CATANZARO Tutto in un`udienza, la complessa vicenda della collaborazione di Nino Lo Giudice riassunta in un unico interrogatorio. Davanti al Tribunale di Catanzaro, che si sta occupando degli atten…

Pubblicato il: 09/04/2014 – 19:44
La testimonianza double face del "Nano"

CATANZARO Tutto in un`udienza, la complessa vicenda della collaborazione di Nino Lo Giudice riassunta in un unico interrogatorio. Davanti al Tribunale di Catanzaro, che si sta occupando degli attentati alla magistratura reggina del 2010, il “Nano” prima sostiene di essere stato indotto a rilasciare quelle dichiarazioni, poi invece ritratta e conferma la bontà delle dichiarazioni con cui si era assunto la paternità delle bombe piazzate davanti alla Procura generale di Reggio e sotto casa del procuratore generale Salvatore Di Landro. Tra le due versioni c`è stato anche un malore del collaboratore di giustizia. Dopo una breve sospensione e la somministrazione di un «blando ansiolitico», l`interrogatorio è ripreso. Ma non solo, Lo Giudice ha raccontato di aver tentato il suicidio, nei giorni scorsi, infilando la testa in un sacchetto di plastica. Nino Lo Giudice sarebbe dovuto essere presente in aula oggi a Catanzaro, ma sia il Dap che la Dda di Reggio hanno segnalato al collegio giudicante particolari motivi di sicurezza che ne hanno sconsigliato la traduzione in Tribunale. Collegato in videoconferenza il “Nano” sembra voler ripercorrere il copione della precedente udienza: «Non ricordo, non ero in me». Poi inizia a parlare: «Quando mi arrestarono, dopo dieci minuti chiesi di parlare con Renato Cortese, a lui esternai la volontà di collaborare.
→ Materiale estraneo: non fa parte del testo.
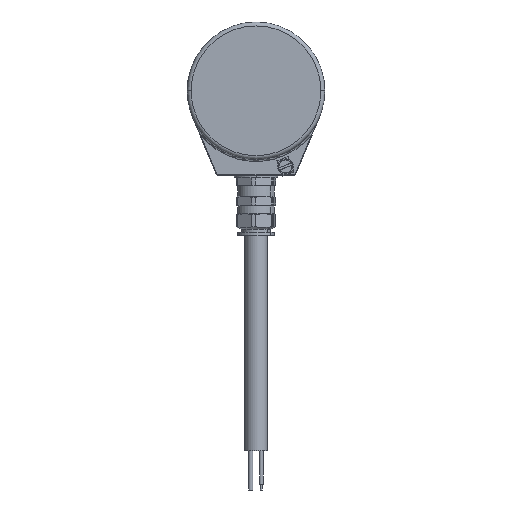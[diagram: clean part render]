
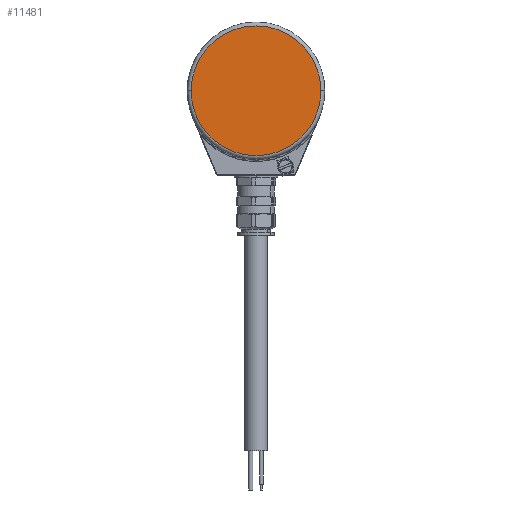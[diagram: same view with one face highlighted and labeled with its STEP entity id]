
A CAD part, left-side view. The second image highlights one B-rep face of the part: STEP entity #11481.
In plain terms, the highlighted planar face has unit normal (-1, 0, 0).
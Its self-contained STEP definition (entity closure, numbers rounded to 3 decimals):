
#744 = CARTESIAN_POINT ( 'NONE',  ( -70.2, 33., 0. ) ) ;
#831 = DIRECTION ( 'NONE',  ( 0., -1., 0. ) ) ;
#832 = DIRECTION ( 'NONE',  ( -1., 0., 0. ) ) ;
#833 = CARTESIAN_POINT ( 'NONE',  ( -70.2, 0., 0. ) ) ;
#834 = AXIS2_PLACEMENT_3D ( 'NONE', #833, #832, #831 ) ;
#835 = CIRCLE ( 'NONE', #834, 33. ) ;
#1083 = DIRECTION ( 'NONE',  ( 0., -1., 0. ) ) ;
#1084 = DIRECTION ( 'NONE',  ( -1., 0., 0. ) ) ;
#1085 = AXIS2_PLACEMENT_3D ( 'NONE', #1126, #1084, #1083 ) ;
#1086 = CIRCLE ( 'NONE', #1085, 33. ) ;
#1109 = CARTESIAN_POINT ( 'NONE',  ( -70.2, -33., 0. ) ) ;
#1126 = CARTESIAN_POINT ( 'NONE',  ( -70.2, 0., 0. ) ) ;
#2029 = AXIS2_PLACEMENT_3D ( 'NONE', #2196, #2195, #2194 ) ;
#2030 = PLANE ( 'NONE',  #2029 ) ;
#2045 = FACE_OUTER_BOUND ( 'NONE', #11441, .T. ) ;
#2194 = DIRECTION ( 'NONE',  ( 0., 1., 0. ) ) ;
#2195 = DIRECTION ( 'NONE',  ( 1., 0., 0. ) ) ;
#2196 = CARTESIAN_POINT ( 'NONE',  ( -70.2, 0., 0. ) ) ;
#11090 = VERTEX_POINT ( 'NONE', #744 ) ;
#11092 = EDGE_CURVE ( 'NONE', #11230, #11090, #835, .T. ) ;
#11210 = ORIENTED_EDGE ( 'NONE', *, *, #11092, .T. ) ;
#11211 = ORIENTED_EDGE ( 'NONE', *, *, #11212, .T. ) ;
#11212 = EDGE_CURVE ( 'NONE', #11090, #11230, #1086, .T. ) ;
#11230 = VERTEX_POINT ( 'NONE', #1109 ) ;
#11441 = EDGE_LOOP ( 'NONE', ( #11210, #11211 ) ) ;
#11481 = ADVANCED_FACE ( 'NONE', ( #2045 ), #2030, .F. ) ;

Lui mi disse se vuoi collaborare vogliamo sapere degli attentati e io gli dissi sì. Mi trasferirono a Roma e pochi giorni dopo vennero il procuratore Pignatone assieme all`aggiunto Prestipino. Quando arrivai ai fatti degli attentati chiusero l`interrogatorio, poi mi dissero se lei intende dire la verità continuiamo domani. Stanotte, mi disse Pignatone, non deve dormire, deve ricordare bene e dirci cose consistenti. L`indomani ero in stato confusionale, non sapevo cosa mi aspettava. Incominciai a deporre, mi sono trovato in una situazione che non ero io. La situazione mi è sfuggita di mano».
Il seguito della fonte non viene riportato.